What you have to do
Count the lines below that contain the word "degree", and reply with only that number.
- - -
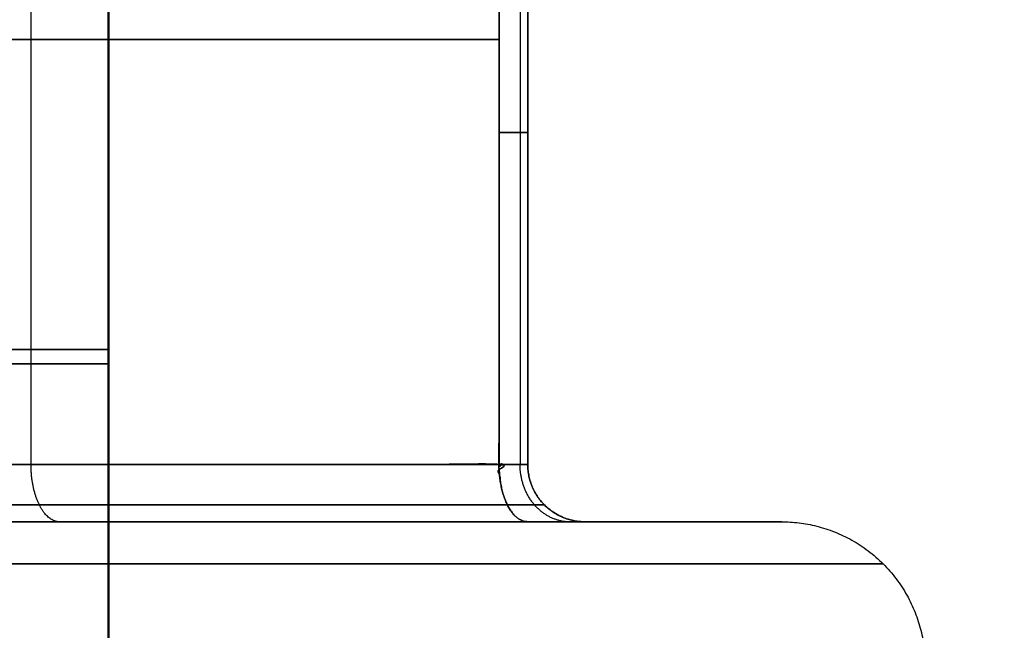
# Model space of a CAD drawing. Header units: millimetres. Extents: x -661 to 720, y -255 to 255.
# Tile 243 of 656: x -363.84 to -360.41, y -197.38 to -195.25. Entities that reach past the tile are written whole.
import ezdxf

# ---------------------------------------------------------------- set-up
doc = ezdxf.new("R2010")
doc.units = ezdxf.units.MM
doc.layers.add('Floreana 120', color=18, linetype='Continuous', true_color=0x000000)

msp = doc.modelspace()

# ---------------------------------------------------------------- linework, layer by layer
at = {"layer": 'Floreana 120', "color": 253, "true_color": 0x97aaae}
for p, q in [((-363.8007, -196.8, 824.5), (-363.8007, -194.0048, 824.5)), ((-363.8007, -196.8, 818.5), (-363.8007, -194.0048, 818.5)), ((-363.8007, -196.8, 1224.5), (-363.8007, -194.0048, 1224.5)), ((-363.8007, -196.8, 1218.5), (-363.8007, -194.0048, 1218.5)), ((-363.8007, -196.8, 424.5), (-363.8007, -194.0048, 424.5)), ((-363.8007, -196.8, 418.5), (-363.8007, -194.0048, 418.5)), ((-362.0686, -196.8, 821.5), (-362.0686, -194.0095, 821.5)), ((-362.0686, -196.8, 1221.5), (-362.0686, -194.0095, 1221.5)), ((-362.0686, -196.8, 421.5), (-362.0686, -194.0095, 421.5)), ((-365.4327, -195.3197, 825.4423), (-362.1686, -195.3197, 823.5577)), ((-362.1686, -195.3197, 819.4423), (-365.4327, -195.3197, 817.5577)), ((-365.4327, -195.3197, 1225.4423), (-362.1686, -195.3197, 1223.5577)), ((-362.1686, -195.3197, 1219.4423), (-365.4327, -195.3197, 1217.5577)), ((-365.4327, -195.3197, 425.4423), (-362.1686, -195.3197, 423.5577)), ((-362.1686, -195.3197, 419.4423), (-365.4327, -195.3197, 417.5577)), ((-362.0686, -195.3228, 819.6155), (-362.0686, -195.3228, 823.3845)), ((-362.0686, -195.3228, 1219.6155), (-362.0686, -195.3228, 1223.3845)), ((-362.0686, -195.3228, 419.6155), (-362.0686, -195.3228, 423.3845)), ((-361.8686, -197, 821.5), (-361.1827, -197, 821.5)), ((-361.8686, -197, 1221.5), (-361.1827, -197, 1221.5)), ((-361.8686, -197, 421.5), (-361.1827, -197, 421.5))]:
    msp.add_line(p, q, dxfattribs=at)
at = {"layer": 'Floreana 120', "color": 250, "true_color": 0x282421}
for points, knots in [([(-652.0296, -251, 10), (-475.5296, -251, 10), (-299.0296, -251, 10), (-294.0296, -251, 10), (-294.0296, -246, 10), (-294.0296, 0, 10), (-294.0296, 246, 10), (-294.0296, 251, 10), (-299.0296, 251, 10), (-475.5296, 251, 10), (-652.0296, 251, 10), (-657.0296, 251, 10), (-657.0296, 246, 10), (-657.0296, 0, 10), (-657.0296, -246, 10), (-657.0296, -251, 10), (-652.0296, -251, 10)], [0, 0, 0, 353, 353, 363, 363, 855, 855, 865, 865, 1218, 1218, 1228, 1228, 1720, 1720, 1730, 1730, 1730]), ([(-294.0296, 246), (-294.0296, 0), (-294.0296, -246), (-294.0296, -251), (-299.0296, -251), (-475.5296, -251), (-652.0296, -251), (-657.0296, -251), (-657.0296, -246), (-657.0296, 0), (-657.0296, 246), (-657.0296, 251), (-652.0296, 251), (-475.5296, 251), (-299.0296, 251), (-294.0296, 251), (-294.0296, 246)], [0, 0, 0, 492, 492, 502, 502, 855, 855, 865, 865, 1357, 1357, 1367, 1367, 1720, 1720, 1730, 1730, 1730])]:
    msp.add_rational_spline(points, [1, 1, 1, 0.707106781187, 1, 1, 1, 0.707106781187, 1, 1, 1, 0.707106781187, 1, 1, 1, 0.707106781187, 1], degree=2, knots=knots, dxfattribs=at)
at = {"layer": 'Floreana 120', "color": 253, "true_color": 0x97aaae}
for points in [[(-363.5296, -193.5, 1221.5), (-363.5296, -196.4, 1221.5), (-363.5296, -199.3, 1221.5)], [(-363.5296, -193.5, 821.5), (-363.5296, -196.4, 821.5), (-363.5296, -199.3, 821.5)], [(-363.5296, -193.5, 421.5), (-363.5296, -196.4, 421.5), (-363.5296, -199.3, 421.5)], [(-363.5327, -194.4, 821.5), (-363.5327, -196.45, 821.5), (-363.5327, -198.5, 821.5)], [(-363.5327, -194.4, 1221.5), (-363.5327, -196.45, 1221.5), (-363.5327, -198.5, 1221.5)], [(-363.5327, -194.4, 421.5), (-363.5327, -196.45, 421.5), (-363.5327, -198.5, 421.5)], [(-362.0954, -194.5314, 823.4845), (-362.0954, -195.6657, 823.4845), (-362.0954, -196.8, 823.4845)], [(-362.0954, -194.5314, 819.5155), (-362.0954, -195.6657, 819.5155), (-362.0954, -196.8, 819.5155)], [(-362.0954, -194.5314, 1223.4845), (-362.0954, -195.6657, 1223.4845), (-362.0954, -196.8, 1223.4845)], [(-362.0954, -194.5314, 1219.5155), (-362.0954, -195.6657, 1219.5155), (-362.0954, -196.8, 1219.5155)], [(-362.0954, -194.5314, 423.4845), (-362.0954, -195.6657, 423.4845), (-362.0954, -196.8, 423.4845)], [(-362.0954, -194.5314, 419.5155), (-362.0954, -195.6657, 419.5155), (-362.0954, -196.8, 419.5155)], [(-362.1393, -196.9414, 819.3915), (-363.7714, -196.9414, 818.4493), (-365.4034, -196.9414, 817.507)], [(-365.4034, -196.9414, 825.493), (-363.7714, -196.9414, 824.5507), (-362.1393, -196.9414, 823.6085)], [(-362.1393, -196.9414, 1219.3915), (-363.7714, -196.9414, 1218.4493), (-365.4034, -196.9414, 1217.507)], [(-365.4034, -196.9414, 1225.493), (-363.7714, -196.9414, 1224.5507), (-362.1393, -196.9414, 1223.6085)], [(-362.1393, -196.9414, 419.3915), (-363.7714, -196.9414, 418.4493), (-365.4034, -196.9414, 417.507)], [(-365.4034, -196.9414, 425.493), (-363.7714, -196.9414, 424.5507), (-362.1393, -196.9414, 423.6085)], [(-362.01, -196.9414, 823.3845), (-362.01, -196.9414, 821.5), (-362.01, -196.9414, 819.6155)], [(-362.01, -196.9414, 1223.3845), (-362.01, -196.9414, 1221.5), (-362.01, -196.9414, 1219.6155)], [(-362.01, -196.9414, 423.3845), (-362.01, -196.9414, 421.5), (-362.01, -196.9414, 419.6155)]]:
    msp.add_open_spline(points, degree=2, dxfattribs=at)
at = {"layer": 'Floreana 120', "color": 253, "true_color": 0x97aaae, "extrusion": (-0.5, 0, -0.866025)}
for points in [[(-362.1686, -194.5002, 823.5577), (-363.1612, -193.8399, 824.1308), (-364.4396, -193.8395, 824.8689), (-365.4327, -194.5002, 825.4423), (-365.4327, -195.2668, 825.4423), (-365.4327, -196.0334, 825.4423), (-365.4327, -196.8, 825.4423), (-364.3447, -196.8, 824.8141), (-363.2567, -196.8, 824.1859), (-362.1686, -196.8, 823.5577), (-362.1686, -196.0334, 823.5577), (-362.1686, -195.2668, 823.5577), (-362.1686, -194.5002, 823.5577)], [(-362.1686, -194.5002, 1223.5577), (-363.1612, -193.8399, 1224.1308), (-364.4396, -193.8395, 1224.8689), (-365.4327, -194.5002, 1225.4423), (-365.4327, -195.2668, 1225.4423), (-365.4327, -196.0334, 1225.4423), (-365.4327, -196.8, 1225.4423), (-364.3447, -196.8, 1224.8141), (-363.2567, -196.8, 1224.1859), (-362.1686, -196.8, 1223.5577), (-362.1686, -196.0334, 1223.5577), (-362.1686, -195.2668, 1223.5577), (-362.1686, -194.5002, 1223.5577)], [(-362.1686, -194.5002, 423.5577), (-363.1612, -193.8399, 424.1308), (-364.4396, -193.8395, 424.8689), (-365.4327, -194.5002, 425.4423), (-365.4327, -195.2668, 425.4423), (-365.4327, -196.0334, 425.4423), (-365.4327, -196.8, 425.4423), (-364.3447, -196.8, 424.8141), (-363.2567, -196.8, 424.1859), (-362.1686, -196.8, 423.5577), (-362.1686, -196.0334, 423.5577), (-362.1686, -195.2668, 423.5577), (-362.1686, -194.5002, 423.5577)]]:
    msp.add_open_spline(points, degree=3, knots=[0, 0, 0, 0, 4.122435, 4.122435, 4.122435, 6.422197, 6.422197, 6.422197, 10.191257, 10.191257, 10.191257, 12.49102, 12.49102, 12.49102, 12.49102], dxfattribs=at)
at = {"layer": 'Floreana 120', "color": 253, "true_color": 0x97aaae, "extrusion": (0.5, 0, -0.866025)}
for points in [[(-365.4327, -194.5002, 817.5577), (-364.4402, -193.8399, 818.1308), (-363.1618, -193.8395, 818.8689), (-362.1686, -194.5002, 819.4423), (-362.1686, -195.2668, 819.4423), (-362.1686, -196.0334, 819.4423), (-362.1686, -196.8, 819.4423), (-363.2567, -196.8, 818.8141), (-364.3447, -196.8, 818.1859), (-365.4327, -196.8, 817.5577), (-365.4327, -196.0334, 817.5577), (-365.4327, -195.2668, 817.5577), (-365.4327, -194.5002, 817.5577)], [(-365.4327, -194.5002, 1217.5577), (-364.4402, -193.8399, 1218.1308), (-363.1618, -193.8395, 1218.8689), (-362.1686, -194.5002, 1219.4423), (-362.1686, -195.2668, 1219.4423), (-362.1686, -196.0334, 1219.4423), (-362.1686, -196.8, 1219.4423), (-363.2567, -196.8, 1218.8141), (-364.3447, -196.8, 1218.1859), (-365.4327, -196.8, 1217.5577), (-365.4327, -196.0334, 1217.5577), (-365.4327, -195.2668, 1217.5577), (-365.4327, -194.5002, 1217.5577)], [(-365.4327, -194.5002, 417.5577), (-364.4402, -193.8399, 418.1308), (-363.1618, -193.8395, 418.8689), (-362.1686, -194.5002, 419.4423), (-362.1686, -195.2668, 419.4423), (-362.1686, -196.0334, 419.4423), (-362.1686, -196.8, 419.4423), (-363.2567, -196.8, 418.8141), (-364.3447, -196.8, 418.1859), (-365.4327, -196.8, 417.5577), (-365.4327, -196.0334, 417.5577), (-365.4327, -195.2668, 417.5577), (-365.4327, -194.5002, 417.5577)]]:
    msp.add_open_spline(points, degree=3, knots=[0, 0, 0, 0, 4.122435, 4.122435, 4.122435, 6.422197, 6.422197, 6.422197, 10.191257, 10.191257, 10.191257, 12.49102, 12.49102, 12.49102, 12.49102], dxfattribs=at)
at = {"layer": 'Floreana 120', "color": 253, "true_color": 0x97aaae, "extrusion": (1, 0, 0)}
for points in [[(-362.0686, -194.5002, 819.6155), (-362.0686, -193.8456, 820.7516), (-362.0686, -193.8461, 822.2493), (-362.0686, -194.5002, 823.3845), (-362.0686, -195.2668, 823.3845), (-362.0686, -196.0334, 823.3845), (-362.0686, -196.8, 823.3845), (-362.0686, -196.8, 822.1282), (-362.0686, -196.8, 820.8718), (-362.0686, -196.8, 819.6155), (-362.0686, -196.0334, 819.6155), (-362.0686, -195.2668, 819.6155), (-362.0686, -194.5002, 819.6155)], [(-362.0686, -194.5002, 1219.6155), (-362.0686, -193.8456, 1220.7516), (-362.0686, -193.8461, 1222.2493), (-362.0686, -194.5002, 1223.3845), (-362.0686, -195.2668, 1223.3845), (-362.0686, -196.0334, 1223.3845), (-362.0686, -196.8, 1223.3845), (-362.0686, -196.8, 1222.1282), (-362.0686, -196.8, 1220.8718), (-362.0686, -196.8, 1219.6155), (-362.0686, -196.0334, 1219.6155), (-362.0686, -195.2668, 1219.6155), (-362.0686, -194.5002, 1219.6155)], [(-362.0686, -194.5002, 419.6155), (-362.0686, -193.8456, 420.7516), (-362.0686, -193.8461, 422.2493), (-362.0686, -194.5002, 423.3845), (-362.0686, -195.2668, 423.3845), (-362.0686, -196.0334, 423.3845), (-362.0686, -196.8, 423.3845), (-362.0686, -196.8, 422.1282), (-362.0686, -196.8, 420.8718), (-362.0686, -196.8, 419.6155), (-362.0686, -196.0334, 419.6155), (-362.0686, -195.2668, 419.6155), (-362.0686, -194.5002, 419.6155)]]:
    msp.add_open_spline(points, degree=3, knots=[0, 0, 0, 0, 4.119124, 4.119124, 4.119124, 6.418886, 6.418886, 6.418886, 10.187946, 10.187946, 10.187946, 12.487708, 12.487708, 12.487708, 12.487708], dxfattribs=at)
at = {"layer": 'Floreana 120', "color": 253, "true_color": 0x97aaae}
- - -
Result of the exercise
5